Rarities

Jumping back into collectible card games after nearly twenty years has been a blast. One big change, however, has been the increase in card rarities and variants.

Variants. They aren’t just for Marvel Cinematic Universes. Photo courtesy Marvel Entertainment

The first collectible card games had a relatively simple rarity system of Common, Uncommon, and Rare. Fifteen cards in a pack; One Rare, three Uncommon, and then Common cards to fill out the booster. Some of the early expansions did not actually even have rare cards at all but rather different levels of uncommon.

Those three basic rarities still exist of course in Star Wars: Unlimited. Then, throw Legendary onto the pile. Now in every handful of packs you get a Legendary instead of a Rare. Ok, no problem. Easy to comprehend that one.

Then we’ve got foils. Foils being the shiny, glistening counterparts to the normal cards. I do remember other older card games first starting to have foils and they used to “Pringle” up a bit then too. In SWU, that brings us to eight total rarities between the three basic ones, adding legendary and then a foil version of each. 

The rabbit hole goes deeper with Hyperspace. Each card has a corresponding borderless Hyperspace version where the artwork extends to the edge of the card instead of being constrained by the card frame. Plus, then foil versions of the Hyperspace variants. Now we’re up to sixteen total different rarities.

Of course, that’s not enough. Let’s add on Showcase Leaders. These are alternate artwork, borderless, foil, special versions of the leaders that look pretty darn cool and yet are functionally exactly the same. The discrepancy in pricing is phenomenal from nearly free at the low end to hundreds of dollars for the showcase versions.

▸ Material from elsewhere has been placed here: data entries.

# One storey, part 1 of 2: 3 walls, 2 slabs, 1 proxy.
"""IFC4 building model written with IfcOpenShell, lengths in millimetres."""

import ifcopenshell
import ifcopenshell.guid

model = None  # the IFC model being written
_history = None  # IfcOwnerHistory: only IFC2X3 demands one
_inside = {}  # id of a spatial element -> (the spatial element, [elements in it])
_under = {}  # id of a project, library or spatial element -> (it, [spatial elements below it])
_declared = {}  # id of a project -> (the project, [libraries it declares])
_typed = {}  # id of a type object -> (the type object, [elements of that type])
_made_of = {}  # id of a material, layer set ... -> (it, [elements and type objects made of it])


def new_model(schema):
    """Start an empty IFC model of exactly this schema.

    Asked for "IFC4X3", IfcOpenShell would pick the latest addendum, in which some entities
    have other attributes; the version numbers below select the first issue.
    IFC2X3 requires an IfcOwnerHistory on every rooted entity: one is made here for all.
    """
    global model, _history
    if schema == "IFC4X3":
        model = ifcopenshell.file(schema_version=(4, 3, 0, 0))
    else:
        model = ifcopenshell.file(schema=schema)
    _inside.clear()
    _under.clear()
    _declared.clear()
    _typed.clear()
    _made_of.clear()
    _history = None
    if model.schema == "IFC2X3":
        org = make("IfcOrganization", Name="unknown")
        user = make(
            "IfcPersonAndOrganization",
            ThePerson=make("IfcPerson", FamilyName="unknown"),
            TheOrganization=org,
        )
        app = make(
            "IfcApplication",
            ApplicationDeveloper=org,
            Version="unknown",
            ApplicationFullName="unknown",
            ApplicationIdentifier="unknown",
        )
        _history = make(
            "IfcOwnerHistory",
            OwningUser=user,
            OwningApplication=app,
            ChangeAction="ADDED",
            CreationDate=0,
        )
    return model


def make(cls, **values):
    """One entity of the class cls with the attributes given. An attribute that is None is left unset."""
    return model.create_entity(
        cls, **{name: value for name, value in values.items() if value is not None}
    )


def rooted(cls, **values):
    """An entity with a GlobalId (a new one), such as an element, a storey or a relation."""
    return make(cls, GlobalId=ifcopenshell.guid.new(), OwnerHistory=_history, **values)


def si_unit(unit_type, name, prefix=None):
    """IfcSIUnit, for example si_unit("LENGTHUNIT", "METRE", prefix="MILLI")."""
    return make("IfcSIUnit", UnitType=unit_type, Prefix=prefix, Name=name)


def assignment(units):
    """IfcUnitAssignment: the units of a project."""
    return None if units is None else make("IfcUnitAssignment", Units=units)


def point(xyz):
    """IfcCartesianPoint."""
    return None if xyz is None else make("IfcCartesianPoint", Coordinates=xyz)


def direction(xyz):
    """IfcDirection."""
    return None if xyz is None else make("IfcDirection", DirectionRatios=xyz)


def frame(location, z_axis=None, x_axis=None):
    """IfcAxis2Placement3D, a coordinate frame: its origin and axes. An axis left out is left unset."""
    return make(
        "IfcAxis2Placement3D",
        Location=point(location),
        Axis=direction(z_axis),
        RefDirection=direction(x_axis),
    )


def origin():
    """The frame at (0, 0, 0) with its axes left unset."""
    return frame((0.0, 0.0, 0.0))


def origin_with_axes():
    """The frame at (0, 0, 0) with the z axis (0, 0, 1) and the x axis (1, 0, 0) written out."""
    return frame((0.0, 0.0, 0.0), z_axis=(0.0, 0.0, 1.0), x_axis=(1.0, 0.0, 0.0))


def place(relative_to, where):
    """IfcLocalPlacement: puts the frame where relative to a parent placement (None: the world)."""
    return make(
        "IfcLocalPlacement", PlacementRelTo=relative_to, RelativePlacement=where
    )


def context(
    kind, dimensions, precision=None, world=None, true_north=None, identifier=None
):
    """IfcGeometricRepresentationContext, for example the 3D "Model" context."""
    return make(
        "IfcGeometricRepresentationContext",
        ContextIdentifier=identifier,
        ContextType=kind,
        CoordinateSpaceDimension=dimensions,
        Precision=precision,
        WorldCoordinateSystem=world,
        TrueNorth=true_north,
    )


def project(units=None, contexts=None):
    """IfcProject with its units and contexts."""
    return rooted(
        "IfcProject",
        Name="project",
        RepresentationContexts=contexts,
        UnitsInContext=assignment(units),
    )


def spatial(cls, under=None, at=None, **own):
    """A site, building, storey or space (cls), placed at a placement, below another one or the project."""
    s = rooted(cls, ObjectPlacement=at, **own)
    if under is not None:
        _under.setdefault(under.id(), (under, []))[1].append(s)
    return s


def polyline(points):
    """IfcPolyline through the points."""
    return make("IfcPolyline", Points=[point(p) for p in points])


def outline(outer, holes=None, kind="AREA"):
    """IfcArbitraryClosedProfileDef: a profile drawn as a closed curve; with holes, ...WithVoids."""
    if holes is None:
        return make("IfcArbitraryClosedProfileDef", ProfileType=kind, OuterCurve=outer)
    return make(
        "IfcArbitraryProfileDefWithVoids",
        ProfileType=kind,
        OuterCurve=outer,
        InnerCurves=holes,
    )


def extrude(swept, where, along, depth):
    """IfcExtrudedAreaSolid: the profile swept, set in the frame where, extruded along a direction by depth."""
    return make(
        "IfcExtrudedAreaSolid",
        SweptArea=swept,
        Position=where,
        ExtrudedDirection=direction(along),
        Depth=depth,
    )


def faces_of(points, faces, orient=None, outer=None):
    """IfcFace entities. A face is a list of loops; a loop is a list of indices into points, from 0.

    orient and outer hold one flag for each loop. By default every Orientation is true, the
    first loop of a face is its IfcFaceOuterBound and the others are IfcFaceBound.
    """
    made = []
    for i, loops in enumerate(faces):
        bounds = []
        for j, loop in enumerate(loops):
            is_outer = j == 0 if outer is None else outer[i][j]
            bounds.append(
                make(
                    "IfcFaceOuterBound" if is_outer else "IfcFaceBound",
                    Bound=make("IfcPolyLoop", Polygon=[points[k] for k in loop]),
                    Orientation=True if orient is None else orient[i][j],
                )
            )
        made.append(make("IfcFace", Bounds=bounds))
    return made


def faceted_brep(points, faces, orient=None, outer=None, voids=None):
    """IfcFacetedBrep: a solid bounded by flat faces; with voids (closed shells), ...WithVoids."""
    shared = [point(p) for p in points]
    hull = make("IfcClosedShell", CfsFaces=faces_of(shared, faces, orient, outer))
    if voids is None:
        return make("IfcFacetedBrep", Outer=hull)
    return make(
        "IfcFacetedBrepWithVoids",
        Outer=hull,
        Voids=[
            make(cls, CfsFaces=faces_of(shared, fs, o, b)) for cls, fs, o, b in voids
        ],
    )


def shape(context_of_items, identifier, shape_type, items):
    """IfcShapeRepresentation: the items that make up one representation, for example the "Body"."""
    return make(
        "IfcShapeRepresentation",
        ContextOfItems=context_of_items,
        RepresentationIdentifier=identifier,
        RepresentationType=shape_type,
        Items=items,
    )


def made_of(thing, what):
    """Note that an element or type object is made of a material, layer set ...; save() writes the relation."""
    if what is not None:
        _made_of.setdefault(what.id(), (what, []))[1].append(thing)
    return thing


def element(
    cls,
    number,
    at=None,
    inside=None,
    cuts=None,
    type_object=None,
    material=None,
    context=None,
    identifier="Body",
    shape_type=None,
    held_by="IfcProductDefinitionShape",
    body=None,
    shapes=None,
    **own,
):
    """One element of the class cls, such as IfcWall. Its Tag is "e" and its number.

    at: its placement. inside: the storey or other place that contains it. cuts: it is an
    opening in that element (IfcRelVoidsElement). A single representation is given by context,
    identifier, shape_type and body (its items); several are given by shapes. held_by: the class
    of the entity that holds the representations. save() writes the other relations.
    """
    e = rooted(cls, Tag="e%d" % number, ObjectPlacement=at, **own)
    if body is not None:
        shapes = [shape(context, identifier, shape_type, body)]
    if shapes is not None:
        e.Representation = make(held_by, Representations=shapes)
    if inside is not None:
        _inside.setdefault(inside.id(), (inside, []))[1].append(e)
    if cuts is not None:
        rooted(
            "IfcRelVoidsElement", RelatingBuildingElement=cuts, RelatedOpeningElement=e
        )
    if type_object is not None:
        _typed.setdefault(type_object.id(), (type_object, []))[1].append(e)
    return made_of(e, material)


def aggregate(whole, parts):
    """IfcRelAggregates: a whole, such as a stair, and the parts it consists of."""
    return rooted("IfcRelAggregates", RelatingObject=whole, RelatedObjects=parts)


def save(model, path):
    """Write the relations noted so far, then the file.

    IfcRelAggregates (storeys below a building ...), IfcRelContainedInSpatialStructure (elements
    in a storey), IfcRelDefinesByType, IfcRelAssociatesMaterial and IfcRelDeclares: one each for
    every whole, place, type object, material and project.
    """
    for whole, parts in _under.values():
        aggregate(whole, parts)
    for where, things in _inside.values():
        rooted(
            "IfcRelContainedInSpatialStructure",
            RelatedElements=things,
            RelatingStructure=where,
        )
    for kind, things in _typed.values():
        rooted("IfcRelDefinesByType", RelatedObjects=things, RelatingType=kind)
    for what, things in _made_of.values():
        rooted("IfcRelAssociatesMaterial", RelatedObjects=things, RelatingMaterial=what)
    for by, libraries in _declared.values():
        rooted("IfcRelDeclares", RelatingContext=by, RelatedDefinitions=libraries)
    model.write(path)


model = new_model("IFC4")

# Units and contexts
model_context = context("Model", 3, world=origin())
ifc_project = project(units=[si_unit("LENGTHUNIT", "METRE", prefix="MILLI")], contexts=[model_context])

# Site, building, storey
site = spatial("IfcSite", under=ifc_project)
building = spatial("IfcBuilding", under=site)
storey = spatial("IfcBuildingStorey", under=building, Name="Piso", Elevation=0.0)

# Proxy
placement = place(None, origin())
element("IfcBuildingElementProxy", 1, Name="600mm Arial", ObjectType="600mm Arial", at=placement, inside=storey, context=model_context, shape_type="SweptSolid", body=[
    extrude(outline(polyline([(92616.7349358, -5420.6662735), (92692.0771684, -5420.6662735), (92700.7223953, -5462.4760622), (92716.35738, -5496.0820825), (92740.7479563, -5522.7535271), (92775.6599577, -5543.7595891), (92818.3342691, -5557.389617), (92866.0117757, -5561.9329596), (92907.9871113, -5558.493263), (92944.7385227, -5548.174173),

Simple enough. I think I’ve got it. Oh wait, there are some versions that don’t exist. R2-D2 is a special rarity that comes in the two player starter, not in normal boosters, and has a hyperspace version in the organized play packs, but then is missing any foil versions. General Veers also comes in the organized play packs however unlike being an uncommon in the standard boosters, he’s instead a rare, has different artwork in the two different packs, plus he has a foil version of each. Multiple others have this different play pack treatment as well.

I truly feel bad for those folks out there that have tried to put together master sets with one of every version of every card. I’m sure many have done it already, but oh boy what an undertaking.

Collecting used to be much easier to do, and certainly easier to explain. 

At least we don’t have to worry about white bordered cards… yet. Get off my lawn.